◆ **What to work on**
Would you repeat word for word the lines of the listing that follows, from the one with "R53 = RC0603JR-07680KL" up to and including the one with "doc.units = 0", and leave out the images?
§ §
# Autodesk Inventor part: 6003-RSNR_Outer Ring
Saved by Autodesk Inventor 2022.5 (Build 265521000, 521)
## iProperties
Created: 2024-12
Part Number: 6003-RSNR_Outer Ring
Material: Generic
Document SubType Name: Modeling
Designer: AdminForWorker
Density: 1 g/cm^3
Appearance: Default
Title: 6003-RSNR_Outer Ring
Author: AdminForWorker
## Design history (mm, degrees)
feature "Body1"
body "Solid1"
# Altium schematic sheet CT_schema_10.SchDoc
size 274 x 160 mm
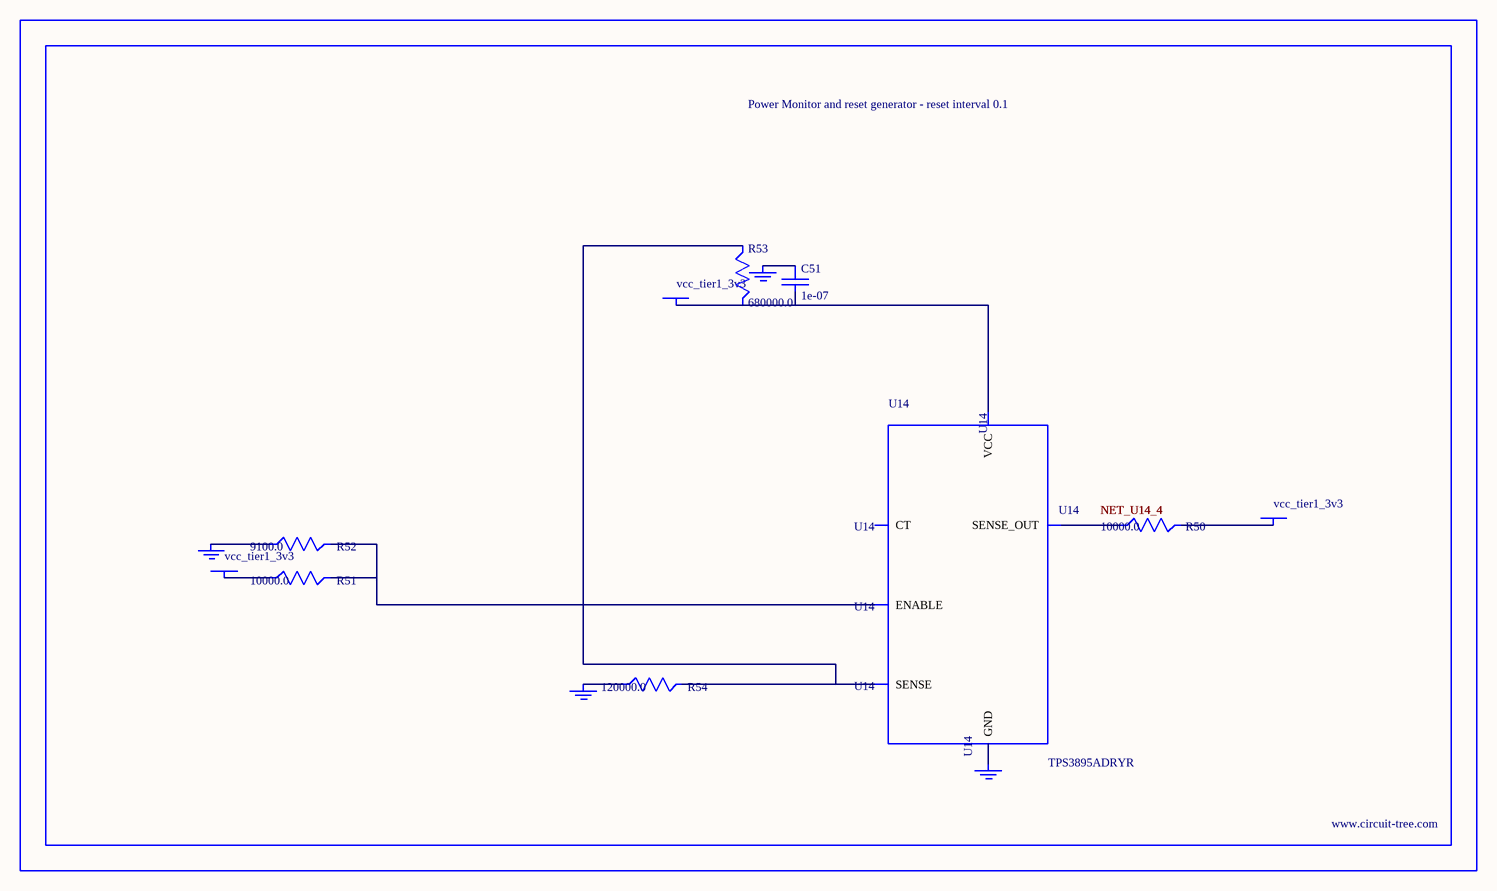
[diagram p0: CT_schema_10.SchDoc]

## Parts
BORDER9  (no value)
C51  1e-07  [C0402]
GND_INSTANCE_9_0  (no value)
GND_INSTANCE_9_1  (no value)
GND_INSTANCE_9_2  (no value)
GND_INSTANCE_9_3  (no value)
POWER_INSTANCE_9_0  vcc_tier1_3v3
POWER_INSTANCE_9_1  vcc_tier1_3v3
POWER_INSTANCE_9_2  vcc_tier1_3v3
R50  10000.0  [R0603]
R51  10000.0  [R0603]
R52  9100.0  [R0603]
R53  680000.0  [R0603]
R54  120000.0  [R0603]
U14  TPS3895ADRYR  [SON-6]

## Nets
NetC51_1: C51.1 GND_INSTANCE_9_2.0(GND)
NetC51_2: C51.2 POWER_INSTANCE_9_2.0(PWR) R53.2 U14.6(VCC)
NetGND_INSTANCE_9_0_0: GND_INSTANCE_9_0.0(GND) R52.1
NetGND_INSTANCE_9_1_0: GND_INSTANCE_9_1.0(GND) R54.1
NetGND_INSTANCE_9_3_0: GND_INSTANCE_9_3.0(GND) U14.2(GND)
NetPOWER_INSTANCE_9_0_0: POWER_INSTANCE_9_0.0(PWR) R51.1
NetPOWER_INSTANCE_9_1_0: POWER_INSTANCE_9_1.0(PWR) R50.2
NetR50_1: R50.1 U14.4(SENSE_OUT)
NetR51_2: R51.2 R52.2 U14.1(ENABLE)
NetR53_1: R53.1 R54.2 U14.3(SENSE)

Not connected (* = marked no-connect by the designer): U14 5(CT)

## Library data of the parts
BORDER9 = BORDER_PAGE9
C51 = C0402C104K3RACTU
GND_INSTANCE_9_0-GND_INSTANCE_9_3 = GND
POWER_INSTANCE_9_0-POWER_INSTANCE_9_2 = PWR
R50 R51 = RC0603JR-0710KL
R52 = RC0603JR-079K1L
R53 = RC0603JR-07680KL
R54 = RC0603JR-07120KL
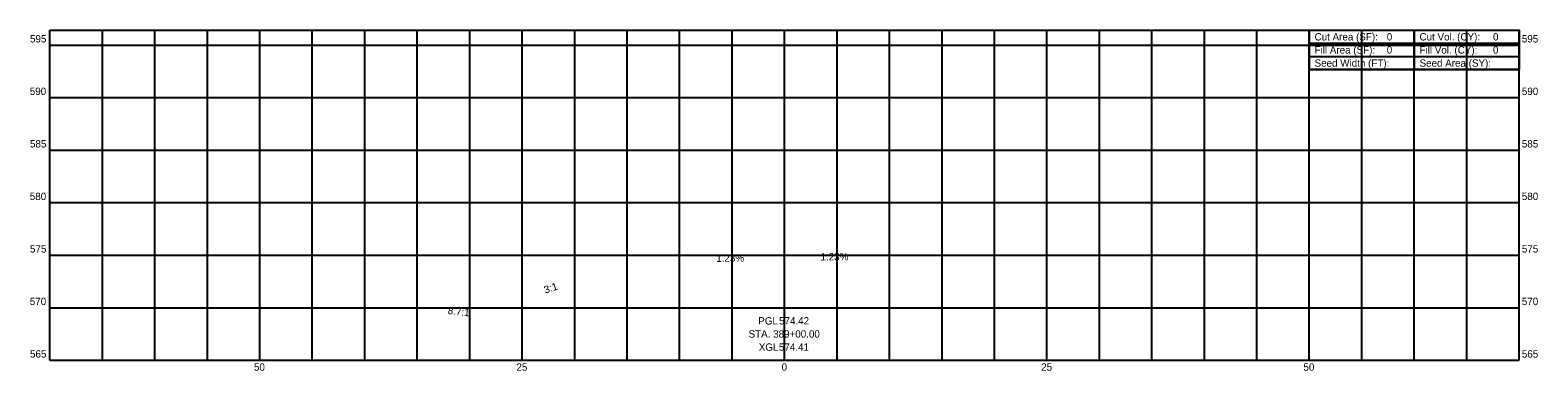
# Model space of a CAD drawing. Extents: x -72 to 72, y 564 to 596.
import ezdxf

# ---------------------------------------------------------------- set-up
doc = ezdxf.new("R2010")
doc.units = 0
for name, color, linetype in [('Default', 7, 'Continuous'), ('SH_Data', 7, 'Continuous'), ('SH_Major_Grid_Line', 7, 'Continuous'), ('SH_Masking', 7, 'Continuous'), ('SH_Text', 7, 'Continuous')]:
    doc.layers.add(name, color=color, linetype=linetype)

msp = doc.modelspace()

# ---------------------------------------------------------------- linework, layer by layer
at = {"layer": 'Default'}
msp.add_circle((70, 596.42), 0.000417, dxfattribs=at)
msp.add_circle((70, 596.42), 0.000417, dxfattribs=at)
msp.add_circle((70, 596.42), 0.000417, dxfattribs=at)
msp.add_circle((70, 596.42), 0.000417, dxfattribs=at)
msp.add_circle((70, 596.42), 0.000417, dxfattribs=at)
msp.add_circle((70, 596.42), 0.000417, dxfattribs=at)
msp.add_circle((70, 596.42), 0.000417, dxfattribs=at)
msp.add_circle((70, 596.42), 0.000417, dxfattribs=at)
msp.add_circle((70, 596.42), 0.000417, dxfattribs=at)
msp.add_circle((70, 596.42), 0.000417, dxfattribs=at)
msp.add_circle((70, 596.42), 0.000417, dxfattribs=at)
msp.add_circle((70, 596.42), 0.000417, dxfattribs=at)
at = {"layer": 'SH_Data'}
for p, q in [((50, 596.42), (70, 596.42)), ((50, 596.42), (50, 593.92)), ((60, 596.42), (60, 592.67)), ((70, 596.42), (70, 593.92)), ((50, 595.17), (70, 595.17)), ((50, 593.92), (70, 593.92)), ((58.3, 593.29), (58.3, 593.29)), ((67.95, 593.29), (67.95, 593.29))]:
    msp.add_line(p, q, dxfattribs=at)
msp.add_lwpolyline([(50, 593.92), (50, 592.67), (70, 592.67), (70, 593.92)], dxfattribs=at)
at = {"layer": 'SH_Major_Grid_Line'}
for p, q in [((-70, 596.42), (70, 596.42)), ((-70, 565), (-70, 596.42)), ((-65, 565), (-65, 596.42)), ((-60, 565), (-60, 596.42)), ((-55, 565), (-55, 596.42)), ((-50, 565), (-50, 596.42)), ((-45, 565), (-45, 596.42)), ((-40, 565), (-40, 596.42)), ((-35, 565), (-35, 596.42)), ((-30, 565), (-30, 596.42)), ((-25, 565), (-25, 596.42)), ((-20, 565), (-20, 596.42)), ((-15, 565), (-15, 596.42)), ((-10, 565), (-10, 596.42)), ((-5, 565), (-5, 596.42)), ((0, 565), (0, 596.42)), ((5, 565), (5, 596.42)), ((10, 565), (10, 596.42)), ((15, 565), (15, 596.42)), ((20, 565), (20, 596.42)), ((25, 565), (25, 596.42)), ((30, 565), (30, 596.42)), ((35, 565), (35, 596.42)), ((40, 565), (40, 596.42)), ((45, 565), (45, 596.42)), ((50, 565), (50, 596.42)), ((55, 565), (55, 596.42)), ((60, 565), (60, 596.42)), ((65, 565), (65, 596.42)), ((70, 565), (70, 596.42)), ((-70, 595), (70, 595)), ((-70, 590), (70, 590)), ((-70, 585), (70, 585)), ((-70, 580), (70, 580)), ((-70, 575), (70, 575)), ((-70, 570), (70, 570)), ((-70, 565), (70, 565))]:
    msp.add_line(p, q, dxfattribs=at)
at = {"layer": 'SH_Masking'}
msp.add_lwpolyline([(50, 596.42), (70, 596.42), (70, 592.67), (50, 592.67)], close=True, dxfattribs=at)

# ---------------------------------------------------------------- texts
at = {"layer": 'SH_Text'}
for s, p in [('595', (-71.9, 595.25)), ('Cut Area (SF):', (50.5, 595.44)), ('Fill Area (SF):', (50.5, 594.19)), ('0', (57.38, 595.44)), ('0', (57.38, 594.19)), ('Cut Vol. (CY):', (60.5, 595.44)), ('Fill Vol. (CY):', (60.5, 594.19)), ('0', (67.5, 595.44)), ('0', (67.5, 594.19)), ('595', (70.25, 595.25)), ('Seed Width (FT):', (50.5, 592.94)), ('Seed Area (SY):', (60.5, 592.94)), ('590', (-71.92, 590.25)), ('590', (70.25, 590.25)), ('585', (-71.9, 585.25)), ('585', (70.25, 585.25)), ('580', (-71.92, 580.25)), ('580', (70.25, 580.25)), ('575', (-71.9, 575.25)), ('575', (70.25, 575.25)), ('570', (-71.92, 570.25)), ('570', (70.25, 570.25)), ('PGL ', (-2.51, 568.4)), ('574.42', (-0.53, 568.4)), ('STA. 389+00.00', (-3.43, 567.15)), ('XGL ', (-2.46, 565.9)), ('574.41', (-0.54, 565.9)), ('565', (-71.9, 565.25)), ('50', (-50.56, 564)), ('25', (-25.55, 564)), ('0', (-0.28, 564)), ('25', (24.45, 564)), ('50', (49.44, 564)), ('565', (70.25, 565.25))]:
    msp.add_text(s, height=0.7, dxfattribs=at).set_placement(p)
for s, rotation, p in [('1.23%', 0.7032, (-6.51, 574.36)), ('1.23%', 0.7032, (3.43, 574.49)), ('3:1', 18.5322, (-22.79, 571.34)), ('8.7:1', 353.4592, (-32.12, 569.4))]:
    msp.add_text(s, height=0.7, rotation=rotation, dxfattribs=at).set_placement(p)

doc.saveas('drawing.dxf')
§ §
◆ **Answer to this problem**
R53 = RC0603JR-07680KL
R54 = RC0603JR-07120KL
# Model space of a CAD drawing. Extents: x -72 to 72, y 564 to 596.
import ezdxf

# ---------------------------------------------------------------- set-up
doc = ezdxf.new("R2010")
doc.units = 0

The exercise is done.